# Why I Moved Here



## big rockpile (Feb 24, 2003)

Went over to the Lake this evening caught 8 Eaters on Sony's Blood Bait.











big rockpile


----------



## pheasantplucker (Feb 20, 2007)

Those are some nice cats, BRP


----------



## Rockytopsis (Dec 29, 2007)

My most favorite fish. 
Nancy


----------



## MichaelK! (Oct 22, 2010)

Sorry, but in Sterling's "Dies the Fire" novel, "eaters" are deranged cannibal survalists that need to be wiped out at any cost.

Got any other names for your fish?


----------



## crtreedude (Jun 14, 2006)

Nice fish! My life here was made complete when I found a source for catfish fingerlings for my ponds. Now I fatten them up with leftovers from butchering. Spring fed ponds, with catfish raised on meat, you can't get much better. 

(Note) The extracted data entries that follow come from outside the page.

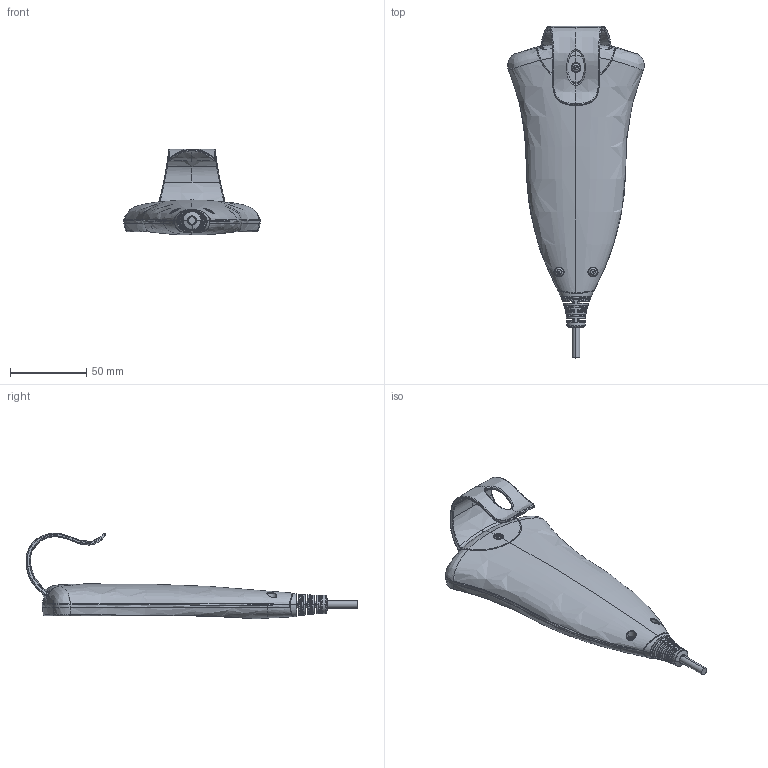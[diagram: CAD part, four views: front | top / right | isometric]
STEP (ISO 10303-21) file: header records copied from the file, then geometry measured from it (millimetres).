
FILE_DESCRIPTION (( 'STEP AP203' ), '1' );
FILE_NAME ('TMH9-A.STEP', '2018-07-06T02:39:28', ( '' ), ( '' ), 'SwSTEP 2.0', 'SolidWorks 2015', '' );
FILE_SCHEMA (( 'CONFIG_CONTROL_DESIGN' ));
Length unit declared in the file: millimetre
Products named in the file (1): TMH9-A
Bounding box: 89.43 x 217.31 x 56 mm (x, y, z)
Volume: 176973.5 mm3; surface area: 73993.9 mm2
Topology: 17 solids, 18 shells, 811 faces, 1928 edges, 1186 vertices
Faces by surface type: bspline 282, plane 242, cylinder 153, torus 106, cone 26, sphere 2
Entity records: 60427 total; most frequent: CARTESIAN_POINT 43756, ORIENTED_EDGE 3834, DIRECTION 2851, EDGE_CURVE 1917, VERTEX_POINT 1183, AXIS2_PLACEMENT_3D 1100, EDGE_LOOP 854, FACE_OUTER_BOUND 811
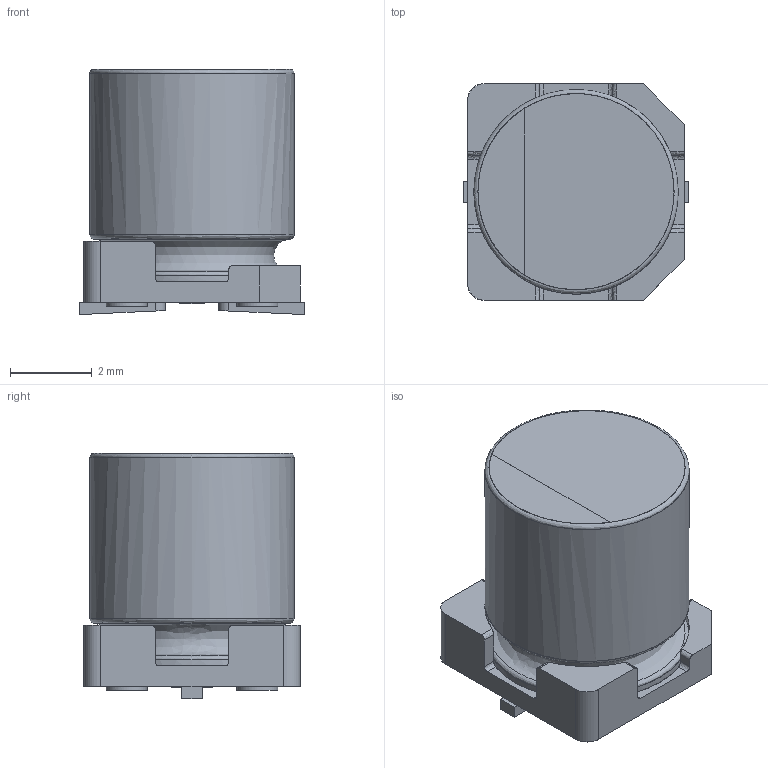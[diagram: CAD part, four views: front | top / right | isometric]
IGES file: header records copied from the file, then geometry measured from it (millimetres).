
Start section: JAMA-IS VERSION  1.0
Bounding box: 5.5 x 5.3 x 6 mm (x, y, z)
Surface area: 221.5 mm2 (no closed solid volume)
Topology: 0 solids, 0 shells, 81 faces, 944 edges, 926 vertices
Faces by surface type: bspline 81
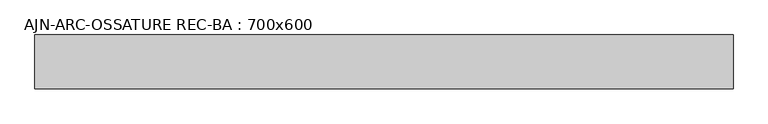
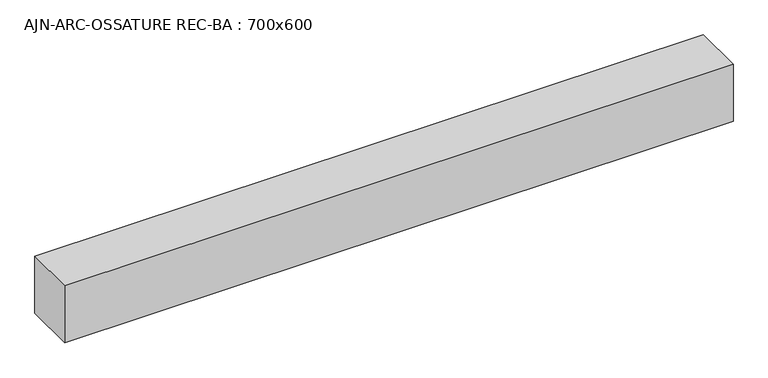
"""IFC4 building model written with IfcOpenShell, lengths in millimetres: beam geometry, AJN-ARC-OSSATURE REC-BA : 700x600."""

from ifc_helpers import new_model, si_unit, frame, origin, place, context, project, spatial, polyline, outline, extrude, source, transform, mapped, element, save


def ajn_arc_ossature_rec_ba_700x600_78f846f2(model_context):
    return source(origin(), model_context, "Body", "SweptSolid", [
        extrude(outline(polyline([(3900.0, 300.0), (3900.0, -300.0), (-3887.2999994, -300.0), (-3887.2999994, 300.0), (3900.0, 300.0)])), frame((0.0, 0.0, -350.0), z_axis=(0.0, 0.0, 1.0), x_axis=(1.0, 0.0, 0.0)), (0.0, 0.0, 1.0), 700.0),
    ])


if __name__ == "__main__":
    model = new_model("IFC4")
    model_context = context("Model", 3, world=origin())
    ifc_project = project(units=[si_unit("LENGTHUNIT", "METRE", prefix="MILLI")], contexts=[model_context])
    site = spatial("IfcSite", under=ifc_project)
    building = spatial("IfcBuilding", under=site)
    placement = place(None, origin())
    ajn_arc_ossature_rec_ba_700x600_shape = ajn_arc_ossature_rec_ba_700x600_78f846f2(model_context)
    element("IfcBeam", 1, ObjectType="AJN-ARC-OSSATURE REC-BA : 700x600", at=placement, inside=building, context=model_context, shape_type="MappedRepresentation", body=[
        mapped(ajn_arc_ossature_rec_ba_700x600_shape, transform((0.0, 0.0, 0.0), x_axis=(1.0, 0.0, 0.0), y_axis=(0.0, 1.0, 0.0), z_axis=(0.0, 0.0, 1.0))),
    ])
    save(model, "model.ifc")
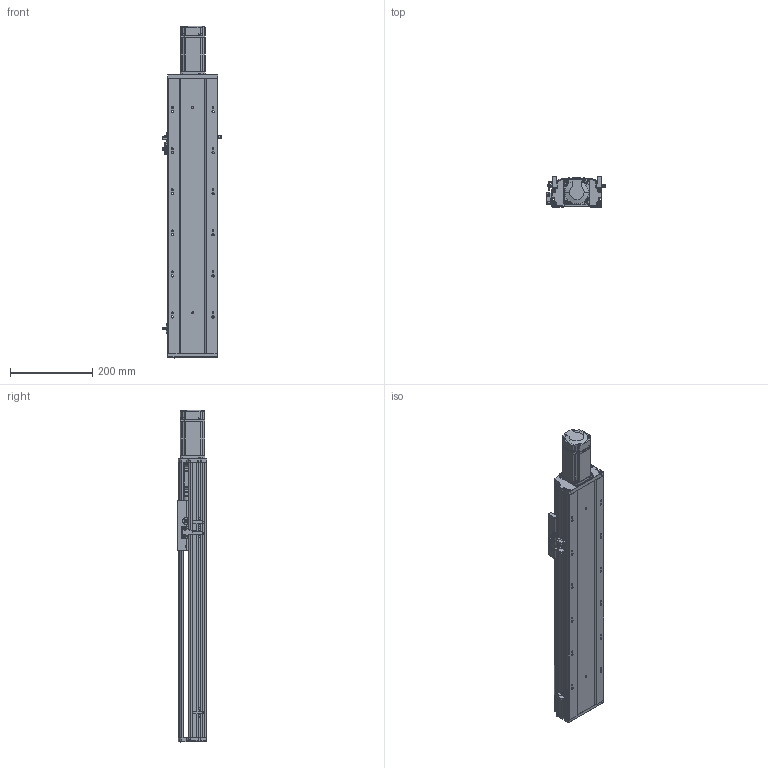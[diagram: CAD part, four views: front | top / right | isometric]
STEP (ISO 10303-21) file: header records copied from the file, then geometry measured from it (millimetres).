
FILE_DESCRIPTION (( 'STEP AP203' ), '1' );
FILE_NAME ('RYK120-L1610-S400-M40-C3-MK.STEP', '2026-03-07T09:59:40', ( '' ), ( '' ), 'SwSTEP 2.0', 'SolidWorks 2016', '' );
FILE_SCHEMA (( 'CONFIG_CONTROL_DESIGN' ));
Length unit declared in the file: millimetre
Products named in the file (17): CB╱T 3762-1996[锥形润滑油嘴1-ZM10×1]_1-ZM10×1; RY120电机端支撑座-压铸加工-M5; 滅袉蝶18-24; 44-49-12-14; 滅袉蝶18-10; RYK120-L1610-S400-M40-C3-MK; RY120-16螺母油路-集中注油组合; RYK120-300-MK-菁釱-啞_400; 侂狟400W侜督萇儂; RY120綴裔啣; 覜茼ん672; 2.10.1.C521-V1.0RY120臏賑輸16蹟譫-啞-JZZY-NRL-L1899; RYK170-薊粣ん芵隴裔啣; RYK120-300-MK-奻裔啣-啞_400; RY120外置感应片(140共用）; 15; RY120QGB-1.8
Assembly tree (21 placements, depth 3):
  RYK120-L1610-S400-M40-C3-MK
    RYK120-300-MK-菁釱-啞_400
    RYK120-300-MK-奻裔啣-啞_400
    RY120綴裔啣
    滅袉蝶18-24  x2
    滅袉蝶18-10  x2
    覜茼ん672  x3
    RY120外置感应片(140共用）
    RY120QGB-1.8
    RY120-16螺母油路-集中注油组合
      2.10.1.C521-V1.0RY120臏賑輸16蹟譫-啞-JZZY-NRL-L1899
      CB╱T 3762-1996[锥形润滑油嘴1-ZM10×1]_1-ZM10×1  x2
    RY120电机端支撑座-压铸加工-M5
    RYK170-薊粣ん芵隴裔啣
    44-49-12-14
    侂狟400W侜督萇儂
      15
Bounding box: 145.7 x 73 x 808.5 mm (x, y, z)
Volume: 2386836.1 mm3; surface area: 793759 mm2
Topology: 23 solids, 23 shells, 2504 faces, 6950 edges, 4457 vertices
Faces by surface type: plane 1191, cylinder 949, cone 237, bspline 127
Entity records: 83308 total; most frequent: CARTESIAN_POINT 23970, ORIENTED_EDGE 12456, DIRECTION 11403, EDGE_CURVE 6228, VERTEX_POINT 4069, AXIS2_PLACEMENT_3D 3894, LINE 3615, VECTOR 3615

My wife, not a fan of catfish, saw me cooking up some, Cajun style and asked for a taste. Big mistake on my part, I let her have some. I lost the plate. lol Now she is hooked.


----------



## PossumSniper (May 31, 2011)

Rockpile, add a little cola to that blood bait and then see how many more you catch. I show up at my catfish honey hole, and all the guys try to figure out why I am catching more than them.


----------



## pheasantplucker (Feb 20, 2007)

PossumSniper...so what do you do, actually pour a little coke or pepsi into the blood bait and stir it in?


----------



## big rockpile (Feb 24, 2003)

pheasantplucker said:


> PossumSniper...so what do you do, actually pour a little coke or pepsi into the blood bait and stir it in?


I'd say he mixes little Coke in to sweeten it up and possibly little fizz to it.

big rockpile


----------



## Homesteader at Heart (Aug 11, 2003)

Nice. Filleted, sliced thin, fried crisp.


----------



## PossumSniper (May 31, 2011)

Yes, I just add a little soda and stir it in. Learned it from an old timer out in the Imperial Valley in California, while fishing the irrigation canals one night. After all the catfish I caught that night I was hooked and have been doing it since.


----------